TOPAZ-1 (NCT03875235) is a double-blind, Phase 3 study of durvalumab (D) + gemcitabine and cisplatin (GemCis) in patients (pts) with advanced biliary tract cancer (BTC). D + GemCis improved overall survival (OS) vs placebo (PBO) + GemCis, and is a potential new treatment option (Oh et al. NEJM Evid 2022; https://doi.org/10.1056/EVIDoa2200015). In BTC, primary tumour location may impact risk factors, prognoses and treatment response.

Methods

This exploratory subgroup analysis of TOPAZ-1 assessed efficacy outcomes by primary tumour location (intrahepatic [IHCC], extrahepatic [EHCC] cholangiocarcinoma or gall bladder cancer [GBC]). Pts were randomised 1:1 to receive D (1500 mg) or PBO on Day 1 Q3W, + Gem (1000 mg/m2) and Cis (25 mg/m2) on Day 1 and 8 Q3W, for ≤8 cycles, followed by D or PBO monotherapy until disease progression, unacceptable toxicity or discontinuation. Randomisation was stratified by disease status (initially unresectable vs recurrent) and primary tumour location (IHCC vs EHCC vs GBC).

Results

Patient numbers with IHCC, EHCC and GBC were balanced between treatment arms; more pts had IHCC than EHCC or GBC (Table). Efficacy outcomes by primary tumour location are summarised (Table). To aid in understanding the higher hazard ratio (HR) in GBC, regional analysis was performed: OS HR for GBC in Asia was 0.82 (95% confidence interval [CI], 0.48-1.40) and in Europe plus North America (non-Asian countries minus South America) was 0.78 (95% CI, 0.44-1.37) Table: 86P

Efficacy outcomes by primary tumour location (RECIST v1.1)

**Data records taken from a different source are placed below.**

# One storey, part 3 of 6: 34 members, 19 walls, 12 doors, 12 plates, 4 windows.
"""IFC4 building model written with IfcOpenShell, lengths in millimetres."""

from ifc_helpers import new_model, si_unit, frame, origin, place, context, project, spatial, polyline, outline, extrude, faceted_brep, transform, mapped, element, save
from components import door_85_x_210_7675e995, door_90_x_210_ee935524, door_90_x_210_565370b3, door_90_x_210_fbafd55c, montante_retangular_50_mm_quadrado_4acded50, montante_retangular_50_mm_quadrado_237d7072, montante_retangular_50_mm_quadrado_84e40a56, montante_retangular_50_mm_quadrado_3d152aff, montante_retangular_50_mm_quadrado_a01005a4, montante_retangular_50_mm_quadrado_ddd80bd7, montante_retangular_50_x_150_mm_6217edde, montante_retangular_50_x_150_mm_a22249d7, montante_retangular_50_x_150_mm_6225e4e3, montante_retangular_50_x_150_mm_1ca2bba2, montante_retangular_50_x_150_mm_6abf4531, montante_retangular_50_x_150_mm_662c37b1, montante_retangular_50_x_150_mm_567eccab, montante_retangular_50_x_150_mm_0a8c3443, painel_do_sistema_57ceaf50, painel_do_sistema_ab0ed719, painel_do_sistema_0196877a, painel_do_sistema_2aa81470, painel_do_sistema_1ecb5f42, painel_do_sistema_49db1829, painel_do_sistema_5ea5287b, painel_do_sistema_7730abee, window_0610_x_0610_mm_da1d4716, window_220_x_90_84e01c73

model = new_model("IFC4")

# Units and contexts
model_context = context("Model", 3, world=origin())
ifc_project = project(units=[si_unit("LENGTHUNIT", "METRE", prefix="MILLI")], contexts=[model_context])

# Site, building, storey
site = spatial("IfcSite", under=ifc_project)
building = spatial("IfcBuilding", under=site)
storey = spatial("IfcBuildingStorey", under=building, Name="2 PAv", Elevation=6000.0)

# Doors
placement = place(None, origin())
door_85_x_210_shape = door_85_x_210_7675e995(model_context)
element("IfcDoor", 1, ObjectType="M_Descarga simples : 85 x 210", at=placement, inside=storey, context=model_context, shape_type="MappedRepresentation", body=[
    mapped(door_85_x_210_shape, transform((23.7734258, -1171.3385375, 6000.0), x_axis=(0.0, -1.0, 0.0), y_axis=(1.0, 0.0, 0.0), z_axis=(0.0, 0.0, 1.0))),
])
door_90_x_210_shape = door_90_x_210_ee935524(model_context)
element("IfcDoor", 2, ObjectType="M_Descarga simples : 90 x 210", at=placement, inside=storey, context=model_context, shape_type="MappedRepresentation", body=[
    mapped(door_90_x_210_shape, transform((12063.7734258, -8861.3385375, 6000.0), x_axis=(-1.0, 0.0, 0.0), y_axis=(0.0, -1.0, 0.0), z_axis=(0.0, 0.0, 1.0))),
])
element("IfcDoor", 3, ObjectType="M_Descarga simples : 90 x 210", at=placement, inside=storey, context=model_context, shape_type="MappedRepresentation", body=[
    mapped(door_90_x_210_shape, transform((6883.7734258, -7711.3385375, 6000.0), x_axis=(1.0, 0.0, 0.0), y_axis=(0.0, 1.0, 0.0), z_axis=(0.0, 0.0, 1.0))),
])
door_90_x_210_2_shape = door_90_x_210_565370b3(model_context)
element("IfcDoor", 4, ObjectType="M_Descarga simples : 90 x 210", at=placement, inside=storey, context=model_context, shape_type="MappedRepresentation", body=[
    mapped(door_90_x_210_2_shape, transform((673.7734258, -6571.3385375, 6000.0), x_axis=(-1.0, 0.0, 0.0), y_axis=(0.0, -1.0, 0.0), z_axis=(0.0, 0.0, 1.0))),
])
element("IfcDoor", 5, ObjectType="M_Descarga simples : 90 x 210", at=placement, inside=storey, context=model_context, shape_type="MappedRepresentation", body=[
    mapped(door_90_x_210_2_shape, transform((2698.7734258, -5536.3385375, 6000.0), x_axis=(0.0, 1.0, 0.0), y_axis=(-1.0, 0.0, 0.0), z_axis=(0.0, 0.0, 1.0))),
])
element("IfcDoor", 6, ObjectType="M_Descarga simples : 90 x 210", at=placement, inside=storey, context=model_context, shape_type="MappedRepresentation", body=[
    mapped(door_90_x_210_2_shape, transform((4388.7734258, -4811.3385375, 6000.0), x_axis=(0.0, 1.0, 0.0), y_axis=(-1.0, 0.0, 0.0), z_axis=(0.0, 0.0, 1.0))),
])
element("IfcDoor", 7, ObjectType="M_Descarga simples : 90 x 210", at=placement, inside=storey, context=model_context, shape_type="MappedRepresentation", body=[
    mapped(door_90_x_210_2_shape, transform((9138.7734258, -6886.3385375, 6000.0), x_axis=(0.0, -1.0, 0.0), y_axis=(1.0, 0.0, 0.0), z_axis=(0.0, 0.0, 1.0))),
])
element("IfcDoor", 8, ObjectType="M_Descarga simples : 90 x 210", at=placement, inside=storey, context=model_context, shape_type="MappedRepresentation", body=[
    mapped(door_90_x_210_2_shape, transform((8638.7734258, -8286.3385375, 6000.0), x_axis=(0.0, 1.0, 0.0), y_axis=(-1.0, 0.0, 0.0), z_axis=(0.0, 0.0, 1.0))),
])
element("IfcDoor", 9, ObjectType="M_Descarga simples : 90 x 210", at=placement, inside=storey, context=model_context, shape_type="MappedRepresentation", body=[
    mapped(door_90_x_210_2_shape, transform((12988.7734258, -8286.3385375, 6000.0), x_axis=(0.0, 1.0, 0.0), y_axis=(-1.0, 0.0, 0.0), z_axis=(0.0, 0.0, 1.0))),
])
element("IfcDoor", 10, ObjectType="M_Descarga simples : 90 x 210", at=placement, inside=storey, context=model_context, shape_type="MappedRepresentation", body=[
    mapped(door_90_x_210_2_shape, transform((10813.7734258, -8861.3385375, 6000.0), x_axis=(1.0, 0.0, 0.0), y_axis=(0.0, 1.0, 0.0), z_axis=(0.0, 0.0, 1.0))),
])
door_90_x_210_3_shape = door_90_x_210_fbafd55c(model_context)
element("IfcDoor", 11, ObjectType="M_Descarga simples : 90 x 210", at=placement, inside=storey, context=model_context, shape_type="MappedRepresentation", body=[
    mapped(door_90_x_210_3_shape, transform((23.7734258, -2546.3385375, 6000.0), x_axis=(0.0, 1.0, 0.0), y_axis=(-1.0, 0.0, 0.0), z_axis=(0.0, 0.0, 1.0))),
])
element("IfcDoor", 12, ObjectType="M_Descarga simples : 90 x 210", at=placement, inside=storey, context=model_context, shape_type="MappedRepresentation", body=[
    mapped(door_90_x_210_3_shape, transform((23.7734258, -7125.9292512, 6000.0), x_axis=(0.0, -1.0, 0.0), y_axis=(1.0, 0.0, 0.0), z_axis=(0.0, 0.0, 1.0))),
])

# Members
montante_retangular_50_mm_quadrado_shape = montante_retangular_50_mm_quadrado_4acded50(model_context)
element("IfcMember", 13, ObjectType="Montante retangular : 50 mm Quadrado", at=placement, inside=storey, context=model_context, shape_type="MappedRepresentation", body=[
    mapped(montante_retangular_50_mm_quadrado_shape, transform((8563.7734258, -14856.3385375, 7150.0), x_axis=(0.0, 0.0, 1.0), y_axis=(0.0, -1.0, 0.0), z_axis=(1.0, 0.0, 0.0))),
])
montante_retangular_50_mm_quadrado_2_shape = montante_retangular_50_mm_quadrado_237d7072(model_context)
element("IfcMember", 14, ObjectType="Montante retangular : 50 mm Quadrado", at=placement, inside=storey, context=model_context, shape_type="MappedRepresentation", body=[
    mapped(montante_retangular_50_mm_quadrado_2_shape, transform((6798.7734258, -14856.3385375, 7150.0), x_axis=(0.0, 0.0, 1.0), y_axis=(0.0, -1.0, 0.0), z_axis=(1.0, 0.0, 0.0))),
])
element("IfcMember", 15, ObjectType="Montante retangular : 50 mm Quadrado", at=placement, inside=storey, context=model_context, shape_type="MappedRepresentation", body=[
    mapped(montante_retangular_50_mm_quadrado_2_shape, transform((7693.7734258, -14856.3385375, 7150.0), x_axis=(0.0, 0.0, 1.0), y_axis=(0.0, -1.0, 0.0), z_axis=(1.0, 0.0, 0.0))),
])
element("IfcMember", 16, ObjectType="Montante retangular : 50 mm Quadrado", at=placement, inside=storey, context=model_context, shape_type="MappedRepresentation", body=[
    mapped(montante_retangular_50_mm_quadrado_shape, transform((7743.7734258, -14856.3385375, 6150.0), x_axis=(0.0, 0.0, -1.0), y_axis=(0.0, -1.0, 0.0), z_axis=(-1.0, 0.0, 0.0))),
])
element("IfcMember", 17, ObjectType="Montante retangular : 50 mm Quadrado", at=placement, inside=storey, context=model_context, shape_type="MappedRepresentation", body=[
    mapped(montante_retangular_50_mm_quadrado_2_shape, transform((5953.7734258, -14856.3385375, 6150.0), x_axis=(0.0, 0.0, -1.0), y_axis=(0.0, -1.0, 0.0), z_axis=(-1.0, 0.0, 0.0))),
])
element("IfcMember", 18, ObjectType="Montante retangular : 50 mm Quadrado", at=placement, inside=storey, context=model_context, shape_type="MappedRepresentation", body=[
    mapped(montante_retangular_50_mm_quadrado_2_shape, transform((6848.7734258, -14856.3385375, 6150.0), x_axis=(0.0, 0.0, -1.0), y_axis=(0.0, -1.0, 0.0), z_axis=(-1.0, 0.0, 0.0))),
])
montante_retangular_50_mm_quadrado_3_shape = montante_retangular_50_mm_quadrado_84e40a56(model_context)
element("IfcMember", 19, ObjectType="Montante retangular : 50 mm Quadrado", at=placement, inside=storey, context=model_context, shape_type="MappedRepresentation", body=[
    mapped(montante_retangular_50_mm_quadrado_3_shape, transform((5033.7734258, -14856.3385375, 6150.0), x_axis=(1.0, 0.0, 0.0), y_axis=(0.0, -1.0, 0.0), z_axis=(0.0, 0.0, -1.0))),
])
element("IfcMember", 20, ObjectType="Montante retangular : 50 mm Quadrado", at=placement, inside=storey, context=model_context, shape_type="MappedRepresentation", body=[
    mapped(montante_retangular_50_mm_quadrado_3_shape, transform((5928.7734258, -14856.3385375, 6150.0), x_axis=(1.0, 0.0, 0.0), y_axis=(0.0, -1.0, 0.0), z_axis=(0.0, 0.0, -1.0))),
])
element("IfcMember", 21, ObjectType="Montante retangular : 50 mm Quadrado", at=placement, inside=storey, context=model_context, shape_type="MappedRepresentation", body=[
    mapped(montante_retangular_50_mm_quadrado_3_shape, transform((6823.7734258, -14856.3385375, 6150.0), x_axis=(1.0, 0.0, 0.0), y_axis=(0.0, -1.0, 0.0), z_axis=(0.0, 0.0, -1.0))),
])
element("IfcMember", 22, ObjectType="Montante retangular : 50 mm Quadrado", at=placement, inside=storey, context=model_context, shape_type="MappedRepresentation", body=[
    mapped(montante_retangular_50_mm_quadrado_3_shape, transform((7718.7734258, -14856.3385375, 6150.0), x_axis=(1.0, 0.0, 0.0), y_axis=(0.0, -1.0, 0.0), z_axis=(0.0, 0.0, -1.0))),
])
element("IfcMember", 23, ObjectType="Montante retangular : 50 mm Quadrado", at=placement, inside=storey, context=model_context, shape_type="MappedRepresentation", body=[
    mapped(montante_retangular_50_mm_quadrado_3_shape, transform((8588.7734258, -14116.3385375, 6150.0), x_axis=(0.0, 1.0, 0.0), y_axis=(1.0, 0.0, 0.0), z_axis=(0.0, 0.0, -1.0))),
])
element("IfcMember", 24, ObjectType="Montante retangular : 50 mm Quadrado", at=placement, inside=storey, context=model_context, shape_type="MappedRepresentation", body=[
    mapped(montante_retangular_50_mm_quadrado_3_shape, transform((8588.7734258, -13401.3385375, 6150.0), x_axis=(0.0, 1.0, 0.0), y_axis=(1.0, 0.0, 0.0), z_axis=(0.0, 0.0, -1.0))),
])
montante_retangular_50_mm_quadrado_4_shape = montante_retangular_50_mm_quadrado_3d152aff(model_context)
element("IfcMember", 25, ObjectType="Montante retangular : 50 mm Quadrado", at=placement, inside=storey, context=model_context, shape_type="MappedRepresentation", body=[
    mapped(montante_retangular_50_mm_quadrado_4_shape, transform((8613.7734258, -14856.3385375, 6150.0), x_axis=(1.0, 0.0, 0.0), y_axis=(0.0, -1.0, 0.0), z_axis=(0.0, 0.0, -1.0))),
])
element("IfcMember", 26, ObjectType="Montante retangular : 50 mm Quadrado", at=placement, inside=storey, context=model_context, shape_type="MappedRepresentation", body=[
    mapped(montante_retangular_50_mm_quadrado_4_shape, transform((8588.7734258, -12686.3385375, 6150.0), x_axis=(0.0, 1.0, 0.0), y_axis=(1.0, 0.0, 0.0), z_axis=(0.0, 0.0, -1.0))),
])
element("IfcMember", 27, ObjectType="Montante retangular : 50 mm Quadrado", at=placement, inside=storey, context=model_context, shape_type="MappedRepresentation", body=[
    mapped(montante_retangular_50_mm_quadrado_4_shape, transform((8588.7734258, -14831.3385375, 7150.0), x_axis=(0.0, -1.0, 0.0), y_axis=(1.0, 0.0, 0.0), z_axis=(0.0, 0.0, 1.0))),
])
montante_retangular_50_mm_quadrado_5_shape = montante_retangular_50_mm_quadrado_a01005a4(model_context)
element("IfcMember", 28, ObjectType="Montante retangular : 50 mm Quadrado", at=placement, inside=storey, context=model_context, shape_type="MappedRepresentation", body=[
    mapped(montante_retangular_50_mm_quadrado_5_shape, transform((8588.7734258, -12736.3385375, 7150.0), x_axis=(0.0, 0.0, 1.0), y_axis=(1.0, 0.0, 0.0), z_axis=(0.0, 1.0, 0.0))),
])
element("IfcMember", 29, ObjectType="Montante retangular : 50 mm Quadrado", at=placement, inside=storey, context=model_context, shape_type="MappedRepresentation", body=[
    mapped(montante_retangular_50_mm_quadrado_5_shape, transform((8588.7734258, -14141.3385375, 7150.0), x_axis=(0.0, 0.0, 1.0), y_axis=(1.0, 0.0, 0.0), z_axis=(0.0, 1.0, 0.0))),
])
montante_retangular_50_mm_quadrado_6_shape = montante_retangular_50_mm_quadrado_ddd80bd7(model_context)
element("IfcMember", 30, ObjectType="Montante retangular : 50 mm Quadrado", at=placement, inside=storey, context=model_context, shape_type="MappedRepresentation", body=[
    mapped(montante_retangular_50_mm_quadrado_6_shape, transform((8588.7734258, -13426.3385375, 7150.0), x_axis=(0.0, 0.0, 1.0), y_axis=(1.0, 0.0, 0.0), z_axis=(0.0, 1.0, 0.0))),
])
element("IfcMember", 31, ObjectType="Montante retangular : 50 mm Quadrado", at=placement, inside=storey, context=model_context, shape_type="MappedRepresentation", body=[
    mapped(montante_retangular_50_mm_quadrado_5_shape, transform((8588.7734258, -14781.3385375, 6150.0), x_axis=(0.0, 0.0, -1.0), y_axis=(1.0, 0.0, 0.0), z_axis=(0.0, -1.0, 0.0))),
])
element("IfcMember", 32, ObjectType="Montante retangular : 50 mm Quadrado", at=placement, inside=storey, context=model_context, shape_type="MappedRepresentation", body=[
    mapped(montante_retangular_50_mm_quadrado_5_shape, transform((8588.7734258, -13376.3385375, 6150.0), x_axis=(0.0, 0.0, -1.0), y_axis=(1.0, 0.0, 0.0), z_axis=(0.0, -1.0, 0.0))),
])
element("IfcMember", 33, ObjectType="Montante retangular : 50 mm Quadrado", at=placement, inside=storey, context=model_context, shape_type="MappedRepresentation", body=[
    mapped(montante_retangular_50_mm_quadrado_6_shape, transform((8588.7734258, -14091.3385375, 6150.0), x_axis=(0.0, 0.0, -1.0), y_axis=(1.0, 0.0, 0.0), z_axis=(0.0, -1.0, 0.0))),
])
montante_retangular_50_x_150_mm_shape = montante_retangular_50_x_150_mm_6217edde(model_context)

Primary tumour location Group (n) Overall survival, HR (95% CI) Progression-free survival, HR (95% CI) Objective response rate Responders with duration of response ≥9/12 months, %
% Odds ratio (95% CI)
Intrahepatic cholangiocarcinoma D + GemCis (n=190) 0.76 (0.58–0.98) 0.79 (0.64–0.99) 24.7 1.79 (1.07–2.97) 28.3/18.9
PBO + GemCis (n=193) 15.5 24.0/12.0
Extrahepatic cholangiocarcinoma D + GemCis (n=66) 0.76 (0.49–1.19) 0.52 (0.35–0.78) 28.8 2.18 (0.92–5.16) 43.3/43.3
PBO + GemCis (n=65) 15.6 23.3/23/3
Gallbladder cancer D + GemCis (n=85) 0.94 (0.65–1.37) 0.90 (0.65–1.24) 29.4 1.08 (0.55–2.09) 33.2/27.6
PBO + GemCis (n=86) 27.9 27.5/16.5

Calculated using a Cox proportional hazards model.Calculated using the Cochran-Mantel Haenszel test.

.

Conclusions

D + GemCis appeared to improve efficacy outcomes (not formally tested for subgroup comparisons) for pts with IHCC, EHCC and GBC. Findings support D + GemCis as a potential new treatment option for advanced BTC, irrespective of primary tumour location.

Clinical trial identification

NCT03875235.

Editorial acknowledgement

Medical writing support, under the direction of the authors, was provided by Elaine Groat, PhD, of CMC Connect, McCann Health Medical Communications, with funding from AstraZeneca, in accordance with Good Publication Practice (GPP3) guidelines.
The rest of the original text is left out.